Favorable Long-Term Projections For The Jets
Airbus and Boeing have released their estimated forecasts for the number of aircraft that the market will want over the next 20 years, and they’re strikingly similar to the projections released in 2019, before a certain global event that had a remarkable impact on the aviation sector. In 2019, Boeing estimated there would be demand for 44,040 aircraft over the next 20 years, and in 2021 that estimate was down just 1 percent to 43,610 aircraft.
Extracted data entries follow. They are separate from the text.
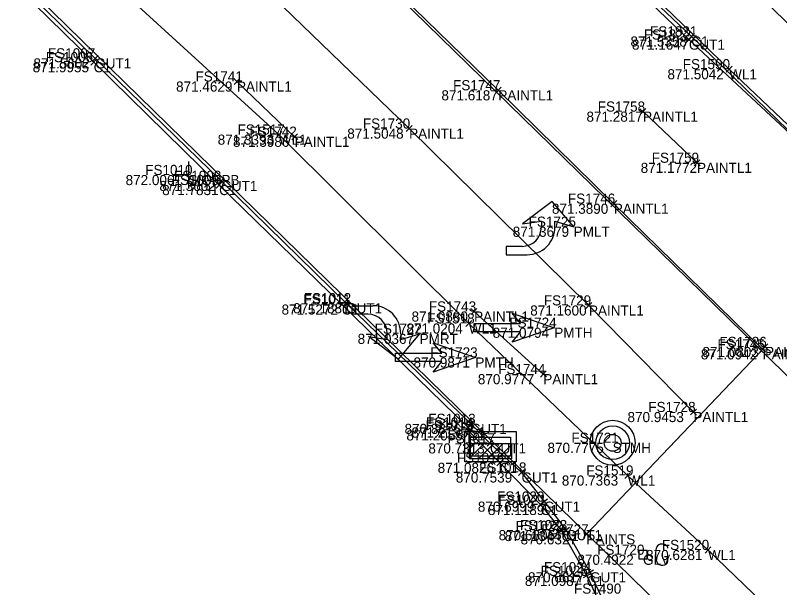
# Model space of a CAD drawing. Extents: x 1469677 to 1493262, y 375219 to 389293.
# Drawn here: x 1479502.2 to 1479592.9, y 379943 to 380010.9 of the extents above; entities that cross this region are included whole.
import ezdxf

# ---------------------------------------------------------------- set-up
doc = ezdxf.new("R2010")
doc.units = 0
for name, color, linetype in [('Building', 7, 'Continuous'), ('DR_X_Drive_Pipe', 7, 'Continuous'), ('DV_X_Text', 7, 'Continuous'), ('GK_Visualization', 7, 'Continuous'), ('PNTELEV', 7, 'Continuous'), ('RD_P_Text', 7, 'Continuous'), ('RW_P_Esmt_SW', 7, 'Continuous'), ('RW_P_Esmt_TMP', 7, 'Continuous'), ('RW_X_CL_20', 7, 'Continuous'), ('rw_x_right_of_way', 7, 'Continuous'), ('RW_X_Text', 7, 'Continuous'), ('SV_X_Mon_Cells_Found', 7, 'Continuous'), ('SV_X_Random_Point', 7, 'Continuous'), ('SV_X_Text', 7, 'Continuous'), ('SV_X_Text_Elevation', 7, 'Continuous')]:
    doc.layers.add(name, color=color, linetype=linetype)

msp = doc.modelspace()

# ---------------------------------------------------------------- linework, layer by layer
at = {"layer": 'Building'}
for points in [[(1479590.899, 379971.251), (1479573.223, 379988.536), (1479559.51, 380001.998), (1479539.567, 380021.405), (1479519.756, 380040.531), (1479501.596, 380058.123), (1479484.932, 380074.195)], [(1479582.673, 379963.807), (1479570.271, 379976.458), (1479548.912, 379997.458), (1479531.64, 380014.197), (1479515.852, 380030.017), (1479497.57, 380047.609), (1479484.703, 380060.356), (1479474.973, 380069.833)], [(1479528.47, 380003.039), (1479535.323, 379996.483)], [(1479576.693, 379999.465), (1479583.102, 379993.389)], [(1479556.633, 379975.739), (1479564.853, 379968.305)]]:
    msp.add_lwpolyline(points, dxfattribs=at)
at = {"layer": 'DR_X_Drive_Pipe'}
for points in [[(1479604.754, 379987.567), (1479586.915, 380004.501), (1479544.961, 380044.963), (1479522.598, 380067.181), (1479502.338, 380087.071)], [(1479473.217, 380054.881), (1479498.741, 380029.974), (1479514.505, 380014.087), (1479533.448, 379996.736), (1479556.003, 379974.32), (1479574.861, 379956.271), (1479584.403, 379947.432), (1479599.597, 379932.82), (1479630.106, 379903.783), (1479644.769, 379889.723), (1479654.209, 379882.356), (1479664.266, 379872.629), (1479692.509, 379845.847), (1479712.672, 379826.686), (1479730.739, 379809.851), (1479753.15, 379788.309), (1479771.842, 379770.542), (1479781.678, 379761.101)]]:
    msp.add_lwpolyline(points, dxfattribs=at)
at = {"layer": 'PNTELEV'}
for p, q in [((1479582.508, 380007.675), (1479581.776, 380008.356)), ((1479581.801, 380007.649), (1479582.483, 380008.381)), ((1479582.799, 380008.043), (1479582.081, 380008.739)), ((1479582.092, 380008.032), (1479582.788, 380008.751)), ((1479582.44, 380008.391), (1479582.44, 380008.391)), ((1479582.142, 380008.015), (1479582.142, 380008.015)), ((1479511.102, 380005.684), (1479511.816, 380004.984)), ((1479511.809, 380005.691), (1479511.109, 380004.977)), ((1479511.281, 380006.135), (1479511.997, 380005.436)), ((1479511.988, 380006.143), (1479511.29, 380005.427)), ((1479511.639, 380005.785), (1479511.639, 380005.785)), ((1479511.459, 380005.334), (1479511.459, 380005.334)), ((1479587.278, 380004.156), (1479586.552, 380004.845)), ((1479586.571, 380004.138), (1479587.259, 380004.863)), ((1479586.915, 380004.501), (1479586.915, 380004.501)), ((1479528.109, 380003.385), (1479528.831, 380002.693)), ((1479528.816, 380003.4), (1479528.124, 380002.678)), ((1479528.47, 380003.039), (1479528.47, 380003.039)), ((1479559.867, 380001.647), (1479559.153, 380002.348)), ((1479559.16, 380001.641), (1479559.86, 380002.354)), ((1479559.51, 380001.998), (1479559.51, 380001.998)), ((1479576.33, 379999.809), (1479577.056, 379999.121)), ((1479577.037, 379999.828), (1479576.349, 379999.102)), ((1479576.693, 379999.465), (1479576.693, 379999.465)), ((1479549.269, 379997.107), (1479548.555, 379997.808)), ((1479548.561, 379997.101), (1479549.263, 379997.814)), ((1479548.912, 379997.458), (1479548.912, 379997.458)), ((1479533.079, 379997.073), (1479533.817, 379996.398)), ((1479533.786, 379997.104), (1479533.11, 379996.367)), ((1479533.448, 379996.736), (1479533.448, 379996.736)), ((1479534.962, 379996.828), (1479535.684, 379996.137)), ((1479535.669, 379996.844), (1479534.977, 379996.121)), ((1479535.323, 379996.483), (1479535.323, 379996.483)), ((1479582.739, 379993.733), (1479583.465, 379993.045)), ((1479583.446, 379993.752), (1479582.758, 379993.026)), ((1479583.102, 379993.389), (1479583.102, 379993.389)), ((1479525.996, 379991.102), (1479526.71, 379990.403)), ((1479526.703, 379991.11), (1479526.003, 379990.395)), ((1479526.254, 379991.587), (1479526.972, 379990.89)), ((1479526.961, 379991.597), (1479526.265, 379990.88)), ((1479526.613, 379991.239), (1479526.613, 379991.239)), ((1479526.353, 379990.753), (1479526.353, 379990.753)), ((1479573.58, 379988.187), (1479572.866, 379988.886)), ((1479572.873, 379988.179), (1479573.573, 379988.894)), ((1479573.223, 379988.536), (1479573.223, 379988.536)), ((1479540.574, 379976.917), (1479541.29, 379976.22)), ((1479541.281, 379976.927), (1479540.583, 379976.21)), ((1479540.932, 379976.569), (1479540.932, 379976.569)), ((1479541.077, 379977.072), (1479541.791, 379976.372)), ((1479541.784, 379977.079), (1479541.084, 379976.365)), ((1479541.434, 379976.722), (1479541.434, 379976.722)), ((1479569.914, 379976.108), (1479570.628, 379976.808)), ((1479570.621, 379976.101), (1479569.921, 379976.815)), ((1479556.262, 379976.074), (1479557.004, 379975.403)), ((1479556.968, 379976.11), (1479556.298, 379975.368)), ((1479556.633, 379975.739), (1479556.633, 379975.739)), ((1479570.271, 379976.458), (1479570.271, 379976.458)), ((1479555.648, 379974.672), (1479556.358, 379973.967)), ((1479556.355, 379974.674), (1479555.651, 379973.965)), ((1479556.003, 379974.32), (1479556.003, 379974.32)), ((1479591.256, 379970.901), (1479590.542, 379971.6)), ((1479590.549, 379970.893), (1479591.249, 379971.608)), ((1479591.546, 379971.184), (1479590.822, 379971.874)), ((1479591.529, 379971.891), (1479590.839, 379971.168)), ((1479590.899, 379971.251), (1479590.899, 379971.251)), ((1479591.184, 379971.529), (1479591.184, 379971.529)), ((1479564.482, 379968.64), (1479565.224, 379967.969)), ((1479565.188, 379968.676), (1479564.518, 379967.934)), ((1479564.853, 379968.305), (1479564.853, 379968.305)), ((1479582.316, 379963.456), (1479583.03, 379964.157)), ((1479583.023, 379963.449), (1479582.323, 379964.164)), ((1479582.673, 379963.807), (1479582.673, 379963.807)), ((1479555.576, 379962.321), (1479556.292, 379961.623)), ((1479556.283, 379962.33), (1479555.585, 379961.614)), ((1479555.953, 379962.128), (1479555.831, 379961.135)), ((1479555.866, 379962.75), (1479556.584, 379962.054)), ((1479556.573, 379962.761), (1479555.877, 379962.043)), ((1479555.934, 379961.972), (1479555.934, 379961.972)), ((1479556.225, 379962.402), (1479556.225, 379962.402)), ((1479556.388, 379961.57), (1479555.396, 379961.693)), ((1479555.892, 379961.632), (1479555.892, 379961.632)), ((1479558.877, 379960.44), (1479558.167, 379959.736)), ((1479558.17, 379960.443), (1479558.874, 379959.733)), ((1479558.522, 379960.088), (1479558.522, 379960.088)), ((1479560.041, 379958.128), (1479559.329, 379957.427)), ((1479559.334, 379958.134), (1479560.036, 379957.421)), ((1479559.685, 379957.777), (1479559.685, 379957.777)), ((1479561.896, 379956.971), (1479562.63, 379956.292)), ((1479562.602, 379956.999), (1479561.924, 379956.264)), ((1479562.263, 379956.632), (1479562.263, 379956.632)), ((1479574.5, 379956.617), (1479575.222, 379955.925)), ((1479575.207, 379956.632), (1479574.515, 379955.91)), ((1479574.861, 379956.271), (1479574.861, 379956.271)), ((1479564.904, 379953.126), (1479564.186, 379952.429)), ((1479564.196, 379953.136), (1479564.894, 379952.419)), ((1479565.339, 379953.478), (1479564.549, 379952.866)), ((1479564.638, 379953.567), (1479565.25, 379952.777)), ((1479564.944, 379953.172), (1479564.944, 379953.172)), ((1479564.545, 379952.777), (1479564.545, 379952.777)), ((1479567.245, 379950.188), (1479567.855, 379949.396)), ((1479567.407, 379949.999), (1479566.627, 379949.375)), ((1479566.705, 379950.077), (1479567.329, 379949.296)), ((1479567.017, 379949.687), (1479567.017, 379949.687)), ((1479567.946, 379950.098), (1479567.154, 379949.487)), ((1479567.55, 379949.792), (1479567.55, 379949.792)), ((1479570.328, 379948.946), (1479569.604, 379949.636)), ((1479570.311, 379949.653), (1479569.621, 379948.929)), ((1479569.966, 379949.291), (1479569.966, 379949.291)), ((1479584.036, 379947.772), (1479584.77, 379947.093)), ((1479584.743, 379947.799), (1479584.063, 379947.065)), ((1479584.403, 379947.432), (1479584.403, 379947.432)), ((1479569.759, 379944.796), (1479570.247, 379943.923)), ((1479570.829, 379945.03), (1479569.959, 379944.537)), ((1479570.147, 379945.218), (1479570.641, 379944.349)), ((1479570.394, 379944.783), (1479570.394, 379944.783)), ((1479570.439, 379944.604), (1479569.567, 379944.115)), ((1479570.003, 379944.36), (1479570.003, 379944.36))]:
    msp.add_line(p, q, dxfattribs=at)
at = {"layer": 'RD_P_Text'}
for points in [[(1479620.557, 379971.482), (1479582.44, 380008.391), (1479569.122, 380021.058), (1479556.793, 380033.025), (1479540.187, 380049.375), (1479522.156, 380066.75), (1479503.679, 380084.635)], [(1479602.178, 379989.373), (1479582.142, 380008.015), (1479568.704, 380020.876), (1479556.358, 380032.756), (1479539.916, 380048.835), (1479521.67, 380066.459), (1479503.182, 380084.417)], [(1479465.43, 380051.173), (1479478.923, 380037.911), (1479495.631, 380021.427), (1479511.639, 380005.785), (1479526.613, 379991.239), (1479541.434, 379976.722), (1479556.225, 379962.402), (1479558.522, 379960.088), (1479562.263, 379956.632), (1479564.944, 379953.172), (1479567.55, 379949.792), (1479570.394, 379944.783), (1479571.863, 379941.541)], [(1479465.217, 380050.647), (1479478.531, 380037.631), (1479495.524, 380020.938), (1479511.459, 380005.334), (1479526.353, 379990.753), (1479540.932, 379976.569), (1479555.934, 379961.972), (1479555.892, 379961.632), (1479559.685, 379957.777), (1479564.545, 379952.777), (1479567.017, 379949.687), (1479570.003, 379944.36), (1479571.368, 379941.516)]]:
    msp.add_lwpolyline(points, dxfattribs=at)
at = {"layer": 'RW_P_Esmt_TMP'}
for p, q in [((1479565.898, 379988.802), (1479562.378, 379986.135)), ((1479568.458, 379985.802), (1479565.898, 379988.802)), ((1479562.378, 379986.135), (1479564.618, 379986.469)), ((1479564.618, 379986.469), (1479564.618, 379985.766)), ((1479566.218, 379985.802), (1479566.218, 379986.469)), ((1479566.218, 379986.469), (1479568.458, 379985.802)), ((1479560.458, 379985.802), (1479560.458, 379985.802)), ((1479568.458, 379985.802), (1479568.458, 379985.802)), ((1479562.321, 379983.469), (1479560.458, 379983.469)), ((1479560.458, 379983.469), (1479560.458, 379982.469)), ((1479560.458, 379982.469), (1479562.937, 379982.469)), ((1479542.163, 379975.422), (1479542.163, 379976.422)), ((1479542.163, 379976.422), (1479544.642, 379976.422)), ((1479544.026, 379975.422), (1479542.163, 379975.422)), ((1479562.153, 379974.315), (1479561.153, 379975.551)), ((1479561.153, 379975.551), (1479566.153, 379973.815)), ((1479556.653, 379973.315), (1479556.653, 379974.315)), ((1479556.653, 379974.315), (1479562.153, 379974.315)), ((1479556.653, 379973.815), (1479556.653, 379973.815)), ((1479566.153, 379973.815), (1479561.153, 379972.079)), ((1479566.153, 379973.815), (1479566.153, 379973.815)), ((1479542.163, 379973.089), (1479542.163, 379973.089)), ((1479546.323, 379972.422), (1479546.323, 379973.125)), ((1479550.163, 379973.089), (1479547.603, 379970.089)), ((1479547.923, 379973.089), (1479547.923, 379972.422)), ((1479547.923, 379972.422), (1479550.163, 379973.089)), ((1479550.163, 379973.089), (1479550.163, 379973.089)), ((1479562.153, 379973.315), (1479556.653, 379973.315)), ((1479561.153, 379972.079), (1479562.153, 379973.315)), ((1479547.603, 379970.089), (1479544.083, 379972.755)), ((1479544.083, 379972.755), (1479546.323, 379972.422)), ((1479552.784, 379970.784), (1479551.784, 379972.02)), ((1479551.784, 379972.02), (1479556.784, 379970.284)), ((1479547.284, 379969.784), (1479547.284, 379970.784)), ((1479547.284, 379970.784), (1479552.784, 379970.784)), ((1479547.284, 379970.284), (1479547.284, 379970.284)), ((1479556.784, 379970.284), (1479551.784, 379968.548)), ((1479556.784, 379970.284), (1479556.784, 379970.284)), ((1479552.784, 379969.784), (1479547.284, 379969.784)), ((1479551.784, 379968.548), (1479552.784, 379969.784))]:
    msp.add_line(p, q, dxfattribs=at)
for centre, radius, start, end in [((1479562.321, 379985.766), 2.297, 270, 0), ((1479562.937, 379985.75), 3.281, 270, 0.90849), ((1479544.642, 379973.141), 3.281, 359.09151, 90), ((1479544.026, 379973.125), 2.297, 360, 90)]:
    msp.add_arc(centre, radius, start, end, dxfattribs=at)
at = {"layer": 'RW_X_CL_20'}
for p, q in [((1479573.085, 379962.155), (1479573.085, 379962.155)), ((1479558.584, 379961.489), (1479558.584, 379961.489)), ((1479558.584, 379960.822), (1479558.584, 379960.822)), ((1479573.085, 379960.155), (1479573.085, 379960.155)), ((1479573.085, 379960.155), (1479573.085, 379960.155)), ((1479573.085, 379960.155), (1479573.085, 379960.155)), ((1479556.209, 379959.697), (1479556.209, 379959.697)), ((1479558.584, 379960.072), (1479558.584, 379960.072)), ((1479558.584, 379960.072), (1479558.584, 379960.072)), ((1479558.584, 379959.697), (1479558.584, 379959.697)), ((1479560.959, 379959.697), (1479560.959, 379959.697)), ((1479558.584, 379958.572), (1479558.584, 379958.572)), ((1479558.584, 379957.906), (1479558.584, 379957.906)), ((1479573.085, 379958.155), (1479573.085, 379958.155))]:
    msp.add_line(p, q, dxfattribs=at)
msp.add_circle((1479573.085, 379960.155), 2, dxfattribs=at)
at = {"layer": 'rw_x_right_of_way'}
for p, q in [((1479522.707, 379993.541), (1479522.707, 379990.341)), ((1479522.707, 379991.941), (1479521.107, 379991.941))]:
    msp.add_line(p, q, dxfattribs=at)
at = {"layer": 'RW_X_Text'}
for points in [[(1479579.657, 379947.631), (1479579.638, 379947.729), (1479579.579, 379947.828), (1479579.48, 379947.926), (1479579.343, 379948.044), (1479579.244, 379948.084), (1479579.165, 379948.103), (1479579.047, 379948.123), (1479578.811, 379948.123), (1479578.713, 379948.103), (1479578.653, 379948.084), (1479578.575, 379948.044), (1479578.417, 379947.926), (1479578.319, 379947.788), (1479578.26, 379947.631), (1479578.22, 379947.414), (1479578.181, 379947.099), (1479578.181, 379946.686), (1479578.201, 379946.351), (1479578.28, 379946.095), (1479578.398, 379945.859), (1479578.496, 379945.78), (1479578.614, 379945.702), (1479578.831, 379945.623), (1479579.047, 379945.623), (1479579.264, 379945.662), (1479579.343, 379945.702), (1479579.421, 379945.741), (1479579.5, 379945.82), (1479579.579, 379945.938), (1479579.657, 379946.115), (1479579.657, 379946.607), (1479579.244, 379946.607)], [(1479576.194, 379946.366), (1479577.194, 379946.366), (1479577.194, 379947.366), (1479576.194, 379947.366), (1479576.194, 379946.366)]]:
    msp.add_lwpolyline(points, dxfattribs=at)
at = {"layer": 'SV_X_Mon_Cells_Found'}
for points in [[(1477206.544, 382340.781), (1479657.335, 379947.979), (1480466.338, 379191.878)], [(1477164.629, 382297.849), (1479615.888, 379904.59), (1480413.414, 379159.216)]]:
    msp.add_lwpolyline(points, dxfattribs=at)
at = {"layer": 'SV_X_Random_Point'}
for p, q in [((1479556.084, 379958.314), (1479557.838, 379960.072)), ((1479556.084, 379959.447), (1479556.708, 379960.072)), ((1479557.14, 379958.239), (1479558.968, 379960.072)), ((1479558.269, 379958.239), (1479560.098, 379960.072)), ((1479559.399, 379958.239), (1479561.084, 379959.929)), ((1479560.529, 379958.239), (1479561.084, 379958.796))]:
    msp.add_line(p, q, dxfattribs=at)
for points in [[(1479555.542, 379961.49), (1479561.626, 379961.49), (1479561.626, 379957.906), (1479555.542, 379957.906)], [(1479556.209, 379960.822), (1479560.959, 379960.822), (1479560.959, 379958.572), (1479556.209, 379958.572)], [(1479556.084, 379960.072), (1479561.084, 379960.072), (1479561.084, 379958.239), (1479556.084, 379958.239)]]:
    msp.add_lwpolyline(points, close=True, dxfattribs=at)
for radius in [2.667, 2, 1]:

Airbus, which is overall less bullish than Boeing, also revised their estimate down by a fairly minuscule amount, down to 39,020 aircraft over the next 20 years compared to 39,210 estimated in 2019. Boeing delivered just 27 jets in October and Airbus moved just 36 aircraft. Boeing is building around 20 737 MAX planes a month, a rate that should rise to 50 a month.
Jon Sindreu, The Wall Street Journal
Scots
Approximately 10,400 years ago, people first moved into Scotland. Very quickly this was determined to be a gigantic mistake, and within 2,000 years the people in their coastal communities had up and left. The theory went that a tsunami caused by an undersea landslide near Norway hit the Scottish coasts with a six-meter wave that swept 30 kilometers inland, prompting the abandonment of the first Scottish experiment. A new study questions that timeline, though, looking at 439 samples from 87 archeological sites ranging in age from 10,600 to 5,800 years. This showed that the population in the northeast of Britain started to decline 8,500 years ago, which would be 300 years before the tsunami jacked the whole thing up. Their theory is that the decline is more related to a North American glacial lake draining into the Atlantic Ocean, disrupting sea levels and habitats and fisheries and prompting a #Scotxit.